10.14.2009 - Capsule
WOMEN INTERRUPTED d'Ali Benkirane, Julian West... (2009)
Par Louis Filiatrault

Il y a de cela un an, l'infect Universalove de Thomas Woschitz nous rappelait tout ce qu'un auteur de film à récits multiples se déroulant « par-delà les frontières » se devait d'éviter. Associations forcées, forme tapageuse, intrigues incomplètes... Tout y passait.

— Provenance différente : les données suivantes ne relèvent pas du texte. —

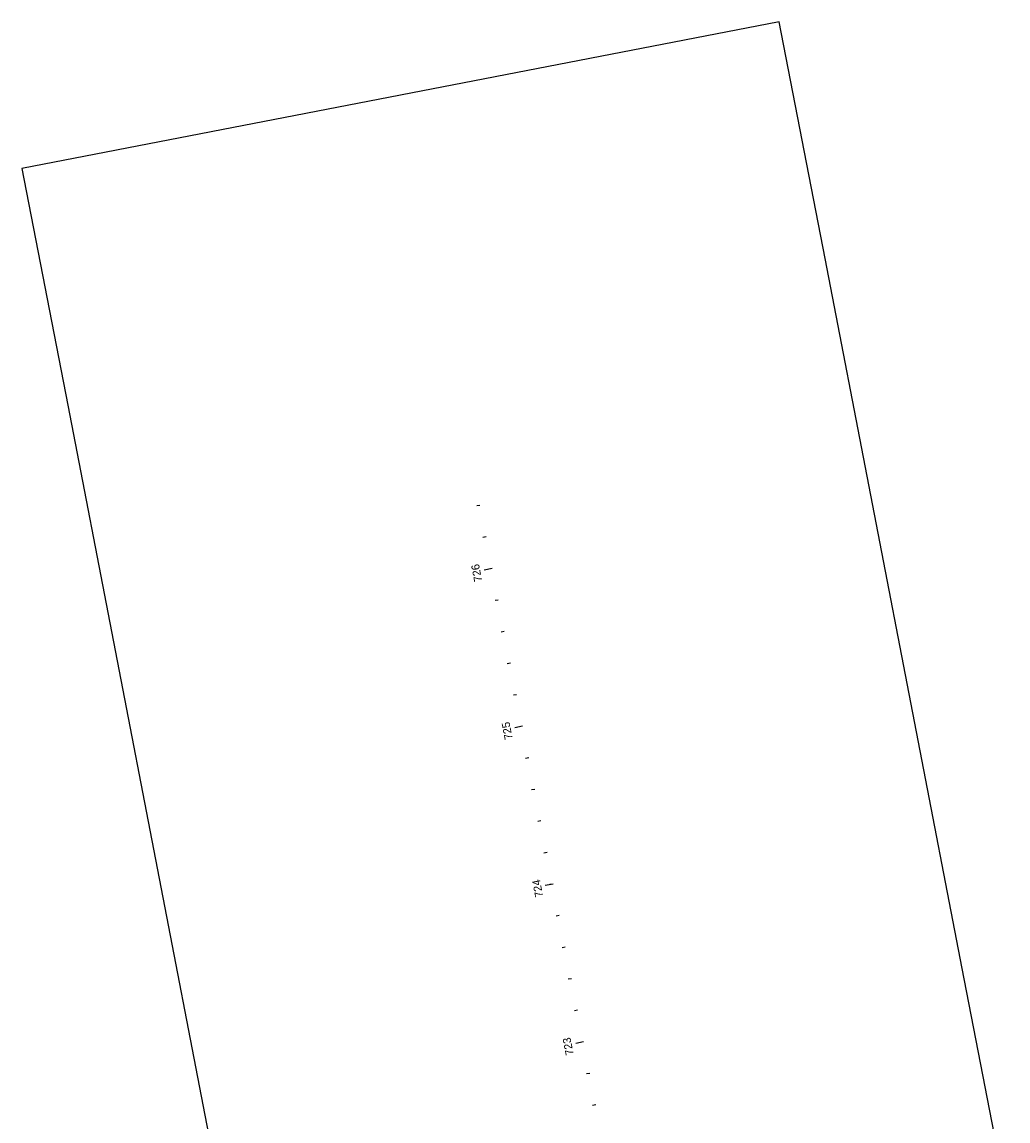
# Model space of a CAD drawing. Extents: x 2005381 to 2007040, y 402385 to 405116.
# Drawn here: x 2005381 to 2005994, y 404432 to 405116 of the extents above; entities that cross this region are included whole.
import ezdxf

# ---------------------------------------------------------------- set-up
doc = ezdxf.new("R2010")
doc.units = 0
for name, color, linetype in [('ClipDrawingBound_dp', 7, 'Continuous'), ('TextAlgnStation100', 7, 'Continuous'), ('TextAlgnStation500', 7, 'Continuous'), ('TextAlgnTicks100', 7, 'Continuous'), ('TextAlgnTicks1000', 7, 'Continuous'), ('TextAlgnTicks500', 7, 'Continuous')]:
    doc.layers.add(name, color=color, linetype=linetype)

msp = doc.modelspace()

# ---------------------------------------------------------------- linework, layer by layer
at = {"layer": 'ClipDrawingBound_dp'}
msp.add_lwpolyline([(2005522.84, 404288.61), (2005994.12, 404379.7), (2005965.66, 404526.97), (2005937.19, 404674.24), (2005908.73, 404821.52), (2005880.27, 404968.79), (2005851.8, 405116.07), (2005380.52, 405024.98), (2005408.99, 404877.71), (2005437.45, 404730.43), (2005465.92, 404583.16), (2005494.38, 404435.88)], close=True, dxfattribs=at)
at = {"layer": 'TextAlgnTicks100'}
for p, q in [((2005665.5, 404815.25), (2005663.54, 404814.87)), ((2005669.3, 404795.61), (2005667.33, 404795.23)), ((2005673.09, 404775.98), (2005668.18, 404775.03)), ((2005676.89, 404756.34), (2005674.92, 404755.96)), ((2005680.68, 404736.7), (2005678.72, 404736.32)), ((2005684.48, 404717.07), (2005682.51, 404716.69)), ((2005688.27, 404697.43), (2005686.31, 404697.05)), ((2005692.07, 404677.79), (2005687.16, 404676.84)), ((2005695.86, 404658.16), (2005693.9, 404657.78)), ((2005699.66, 404638.52), (2005697.69, 404638.14)), ((2005703.45, 404618.88), (2005701.49, 404618.5)), ((2005707.25, 404599.25), (2005705.28, 404598.87)), ((2005711.04, 404579.61), (2005706.13, 404578.66)), ((2005714.84, 404559.97), (2005712.88, 404559.59)), ((2005718.63, 404540.34), (2005716.67, 404539.96)), ((2005722.43, 404520.7), (2005720.47, 404520.32)), ((2005726.22, 404501.06), (2005724.26, 404500.68)), ((2005730.02, 404481.43), (2005725.11, 404480.48)), ((2005733.81, 404461.79), (2005731.85, 404461.41)), ((2005737.61, 404442.15), (2005735.65, 404441.77))]:
    msp.add_line(p, q, dxfattribs=at)
at = {"layer": 'TextAlgnTicks1000'}
for p, q in [((2005673.09, 404775.98), (2005671.13, 404775.6)), ((2005711.04, 404579.61), (2005709.08, 404579.23))]:
    msp.add_line(p, q, dxfattribs=at)
at = {"layer": 'TextAlgnTicks500'}
for p, q in [((2005673.09, 404775.98), (2005671.13, 404775.6)), ((2005692.07, 404677.79), (2005687.16, 404676.84)), ((2005711.04, 404579.61), (2005709.08, 404579.23)), ((2005730.02, 404481.43), (2005728.06, 404481.05))]:
    msp.add_line(p, q, dxfattribs=at)

# ---------------------------------------------------------------- texts
at = {"layer": 'TextAlgnStation100'}
for s, p in [('726', (2005666.96, 404768.16)), ('725', (2005685.94, 404669.95)), ('724', (2005704.91, 404571.84)), ('723', (2005723.9, 404473.56))]:
    msp.add_text(s, height=4.98, rotation=100.93889, dxfattribs=at).set_placement(p)
at = {"layer": 'TextAlgnStation500'}
msp.add_text('725', height=4.98, rotation=100.93889, dxfattribs=at).set_placement((2005685.94, 404669.95))

doc.saveas('drawing.dxf')
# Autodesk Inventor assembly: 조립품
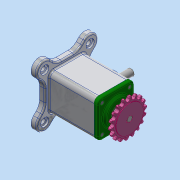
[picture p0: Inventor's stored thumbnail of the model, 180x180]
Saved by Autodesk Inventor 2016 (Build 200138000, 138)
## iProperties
Created: 2019-11
Part Number: 조립품
Material: 일반
Document SubType Name: Assembly
Designer: user
Author: user
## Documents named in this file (11)
- C:\Users\user\Desktop\491109V1011\조립품.iam
- C:\Users\user\Desktop\491109V1011\베어링 6203.ipt
- C:\Users\user\Desktop\491109V1011\본체.ipt
- C:\Users\user\Desktop\491109V1011\볼트 M4.ipt
- C:\Users\user\Desktop\491109V1011\부시.ipt
- C:\Users\user\Desktop\491109V1011\스프로킷.ipt
- C:\Users\user\Desktop\491109V1011\슬라이더.ipt
- C:\Users\user\Desktop\491109V1011\오일 실.ipt
- C:\Users\user\Desktop\491109V1011\커버.ipt
- C:\Users\user\Desktop\491109V1011\키 4 x 4 x 14.ipt
- C:\Users\user\Desktop\491109V1011\편심축.ipt
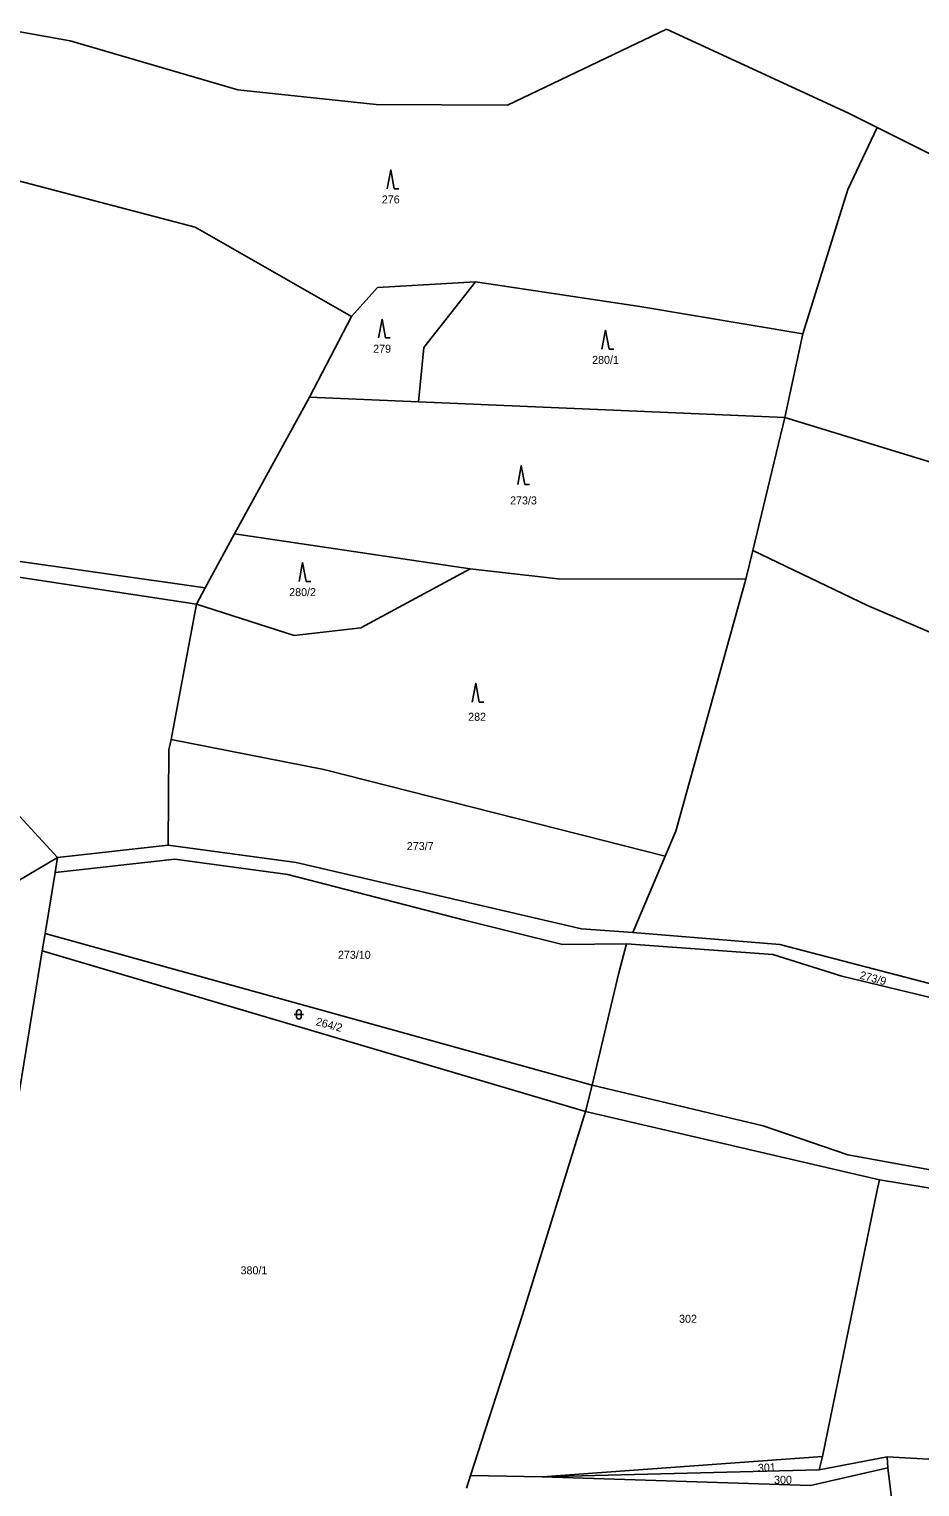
# Model space of a CAD drawing. Extents: x -791548 to -789311, y -1142631 to -1140855.
# Drawn here: x -791288.6 to -791099.4, y -1141698.3 to -1141388.6 of the extents above; entities that cross this region are included whole.
import ezdxf
from ezdxf.enums import TextEntityAlignment as Align

# ---------------------------------------------------------------- set-up
doc = ezdxf.new("R2010")
doc.units = 0
doc.header["$LTSCALE"] = 0.68
doc.layers.add('1', color=7, linetype='Continuous', lineweight=25)
doc.layers.add('3', color=7, linetype='Continuous', lineweight=25)
doc.layers.add('2', color=7, linetype='Continuous')

msp = doc.modelspace()

# ---------------------------------------------------------------- linework, layer by layer
at = {"layer": '1'}
for p, q in [((-791279.89, -1141391.04), (-791291.36, -1141389.04)), ((-791153.2, -1141388.58), (-791186.96, -1141404.71)), ((-791114.71, -1141406.37), (-791153.2, -1141388.58)), ((-791244.28, -1141401.44), (-791279.89, -1141391.04)), ((-791214.86, -1141404.6), (-791244.28, -1141401.44)), ((-791186.96, -1141404.71), (-791214.86, -1141404.6)), ((-791114.71, -1141406.37), (-791108.44, -1141409.5)), ((-791114.72, -1141422.66), (-791108.44, -1141409.5)), ((-791108.44, -1141409.5), (-791057.55, -1141434.87)), ((-791253.36, -1141430.65), (-791316.37, -1141414.15)), ((-791124.23, -1141453.34), (-791114.72, -1141422.66)), ((-791220.12, -1141449.64), (-791253.36, -1141430.65)), ((-791214.56, -1141443.44), (-791220.12, -1141449.64)), ((-791193.79, -1141442.27), (-791214.56, -1141443.44)), ((-791204.76, -1141456.19), (-791193.79, -1141442.27)), ((-791158.84, -1141447.48), (-791193.79, -1141442.27)), ((-791124.23, -1141453.34), (-791158.84, -1141447.48)), ((-791128.04, -1141471.09), (-791124.23, -1141453.34)), ((-791205.91, -1141467.74), (-791204.76, -1141456.19)), ((-791205.91, -1141467.74), (-791229.05, -1141466.78)), ((-791128.04, -1141471.09), (-791205.91, -1141467.74)), ((-791134.86, -1141499.36), (-791128.04, -1141471.09)), ((-791079.72, -1141485.89), (-791128.04, -1141471.09)), ((-791251.2, -1141507.28), (-791244.98, -1141495.84)), ((-791244.98, -1141495.84), (-791194.94, -1141503.21)), ((-791304.05, -1141499.75), (-791251.2, -1141507.28)), ((-791136.33, -1141505.46), (-791134.86, -1141499.36)), ((-791110.48, -1141511.03), (-791134.86, -1141499.36)), ((-791253.04, -1141510.74), (-791303.73, -1141503.05)), ((-791218.1, -1141515.77), (-791194.94, -1141503.21)), ((-791194.94, -1141503.21), (-791176.21, -1141505.37)), ((-791251.2, -1141507.28), (-791253.04, -1141510.74)), ((-791176.21, -1141505.37), (-791136.33, -1141505.46)), ((-791151.22, -1141558.95), (-791136.33, -1141505.46)), ((-791253.04, -1141510.74), (-791258.43, -1141539.49)), ((-791253.04, -1141510.74), (-791232.33, -1141517.38)), ((-791084.34, -1141522.3), (-791110.48, -1141511.03)), ((-791232.33, -1141517.38), (-791218.1, -1141515.77)), ((-791258.93, -1141541.68), (-791258.43, -1141539.49)), ((-791258.43, -1141539.49), (-791225.98, -1141545.87)), ((-791259.04, -1141561.99), (-791258.93, -1141541.68)), ((-791300.37, -1141545.28), (-791282.55, -1141564.55)), ((-791225.98, -1141545.87), (-791153.47, -1141564.31)), ((-791153.47, -1141564.31), (-791151.22, -1141558.95)), ((-791282.55, -1141564.55), (-791259.04, -1141561.99)), ((-791259.04, -1141561.99), (-791231.86, -1141565.62)), ((-791329.63, -1141592.51), (-791282.55, -1141564.55)), ((-791282.55, -1141564.55), (-791283.08, -1141567.79)), ((-791257.64, -1141564.95), (-791283.08, -1141567.79)), ((-791233.62, -1141568.22), (-791257.64, -1141564.95)), ((-791231.86, -1141565.62), (-791171.29, -1141579.76)), ((-791160.39, -1141580.52), (-791153.47, -1141564.31)), ((-791283.08, -1141567.79), (-791285.21, -1141580.72)), ((-791196.11, -1141577.9), (-791233.62, -1141568.22)), ((-791175.27, -1141583.06), (-791196.11, -1141577.9)), ((-791285.21, -1141580.72), (-791285.82, -1141584.43)), ((-791285.21, -1141580.72), (-791168.97, -1141612.96)), ((-791171.29, -1141579.76), (-791160.39, -1141580.52)), ((-791129.12, -1141583.07), (-791160.39, -1141580.52)), ((-791285.82, -1141584.43), (-791292.76, -1141627.2)), ((-791170.42, -1141618.57), (-791285.82, -1141584.43)), ((-791161.7, -1141582.94), (-791175.27, -1141583.06)), ((-791163.35, -1141589.1), (-791161.7, -1141582.94)), ((-791130.65, -1141585.19), (-791161.7, -1141582.94)), ((-791085.44, -1141594.43), (-791129.12, -1141583.07)), ((-791115.96, -1141589.76), (-791130.65, -1141585.19)), ((-791168.97, -1141612.96), (-791163.35, -1141589.1)), ((-791087.93, -1141596.55), (-791115.96, -1141589.76)), ((-791170.42, -1141618.57), (-791168.97, -1141612.96)), ((-791168.97, -1141612.96), (-791132.7, -1141621.56)), ((-791183.8, -1141661.73), (-791170.42, -1141618.57)), ((-791107.99, -1141633.07), (-791170.42, -1141618.57)), ((-791132.7, -1141621.56), (-791114.69, -1141627.72)), ((-791114.69, -1141627.72), (-791074.08, -1141635.2)), ((-791108.35, -1141634.92), (-791107.99, -1141633.07)), ((-791077.08, -1141638.15), (-791107.99, -1141633.07)), ((-791120.06, -1141691.82), (-791108.35, -1141634.92)), ((-791194.85, -1141695.89), (-791183.8, -1141661.73)), ((-791179.61, -1141696.2), (-791120.06, -1141691.82)), ((-791120.06, -1141691.82), (-791120.74, -1141694.69)), ((-791106.31, -1141691.9), (-791120.74, -1141694.69)), ((-791106.31, -1141691.9), (-791073.79, -1141693.75)), ((-791106.16, -1141694.27), (-791106.31, -1141691.9)), ((-791195.71, -1141698.56), (-791194.85, -1141695.89)), ((-791194.85, -1141695.89), (-791179.61, -1141696.2)), ((-791120.74, -1141694.69), (-791179.61, -1141696.2)), ((-791179.61, -1141696.2), (-791122.62, -1141698.03)), ((-791122.62, -1141698.03), (-791106.16, -1141694.27)), ((-791099.53, -1141749.19), (-791106.16, -1141694.27))]:
    msp.add_line(p, q, dxfattribs=at)
msp.add_lwpolyline([(-791244.98, -1141495.84), (-791229.05, -1141466.78), (-791220.12, -1141449.64)], dxfattribs=at)
at = {"layer": '3'}
for p, q in [((-791211.03, -1141422.48), (-791210.034, -1141422.48)), ((-791212.87, -1141454.2), (-791211.874, -1141454.2)), ((-791165.41, -1141456.57), (-791164.414, -1141456.57)), ((-791183.31, -1141485.33), (-791182.314, -1141485.33)), ((-791229.76, -1141505.91), (-791228.764, -1141505.91)), ((-791192.98, -1141531.57), (-791191.984, -1141531.57)), ((-791232.291, -1141597.931), (-791230.289, -1141597.931)), ((-791231.791, -1141597.431), (-791231.791, -1141598.432)), ((-791230.789, -1141598.432), (-791230.789, -1141597.431))]:
    msp.add_line(p, q, dxfattribs=at)
for points in [[(-791211.03, -1141422.48), (-791211.78, -1141418.48), (-791212.53, -1141422.48)], [(-791212.87, -1141454.2), (-791213.62, -1141450.2), (-791214.37, -1141454.2)], [(-791165.41, -1141456.57), (-791166.16, -1141452.57), (-791166.91, -1141456.57)], [(-791183.31, -1141485.33), (-791184.06, -1141481.33), (-791184.81, -1141485.33)], [(-791229.76, -1141505.91), (-791230.51, -1141501.91), (-791231.26, -1141505.91)], [(-791192.98, -1141531.57), (-791193.73, -1141527.57), (-791194.48, -1141531.57)]]:
    msp.add_lwpolyline(points, dxfattribs=at)
for centre, start, end in [((-791231.29, -1141597.4309), 0, 180), ((-791231.29, -1141598.4309), 180, 359.98789)]:
    msp.add_arc(centre, 0.5, start, end, dxfattribs=at)

# ---------------------------------------------------------------- texts
at = {"layer": '2'}
for s, p in [('276', (-791211.779, -1141425.612)), ('279', (-791213.619, -1141457.332)), ('280/1', (-791166.16, -1141459.702)), ('273/3', (-791183.58, -1141489.562)), ('280/2', (-791230.51, -1141509.042)), ('282', (-791193.439, -1141535.532)), ('273/7', (-791205.52, -1141563.002)), ('273/10', (-791219.52, -1141586.102)), ('380/1', (-791240.84, -1141653.142)), ('302', (-791148.639, -1141663.442)), ('300', (-791128.459, -1141697.642))]:
    msp.add_text(s, height=1.7, dxfattribs=at).set_placement(p, align=Align.CENTER)
for s, rotation, p in [('273/9', 345, (-791109.54, -1141591.0389)), ('264/2', 345, (-791225.07, -1141600.9089)), ('301', 3, (-791131.8505, -1141695.0389))]:
    msp.add_text(s, height=1.7, rotation=rotation, dxfattribs=at).set_placement(p, align=Align.CENTER)

doc.saveas('drawing.dxf')

Aujourd'hui, sans non plus y fournir une alternative miracle, le curieux Women Interrupted propose une solution autrement plus raisonnable à un problème esthétique similaire: rassemblés par la productrice Karine Allenbach, sept courts-métrages de provenances et de natures variées s'enchaînent pour composer un discours d'une certaine cohérence sur le thème large de « la femme ». De l'éducation (la privation simplement décrite d'une petite Marocaine) au machisme ordinaire (l'escalade comique savoureusement gérée par Suzanne Clément et Christian Bégin), en passant par divers types de ruptures, le tout illustre un éventail d'approches autant narratives qu'esthétiques, ainsi qu'un sens du contraste et de la continuité maintenant l'intérêt du début à la fin. Seul le segment français, niaiserie amateure dénichée sur Internet (un fait intéressant en soi), détonne vraiment de cet ensemble dont l'absence de prétention n'empêche pas de révéler certaines signatures distinctives (en particulier Julian West et Nastasja Andre de la Porte). En guise de clôture, la portion mexicaine tournée en vidéo analogique résume bien l'esprit doux-amer et spontané de ce moment de découverte agréable, premier d'une série dont on espère entendre à nouveau parler.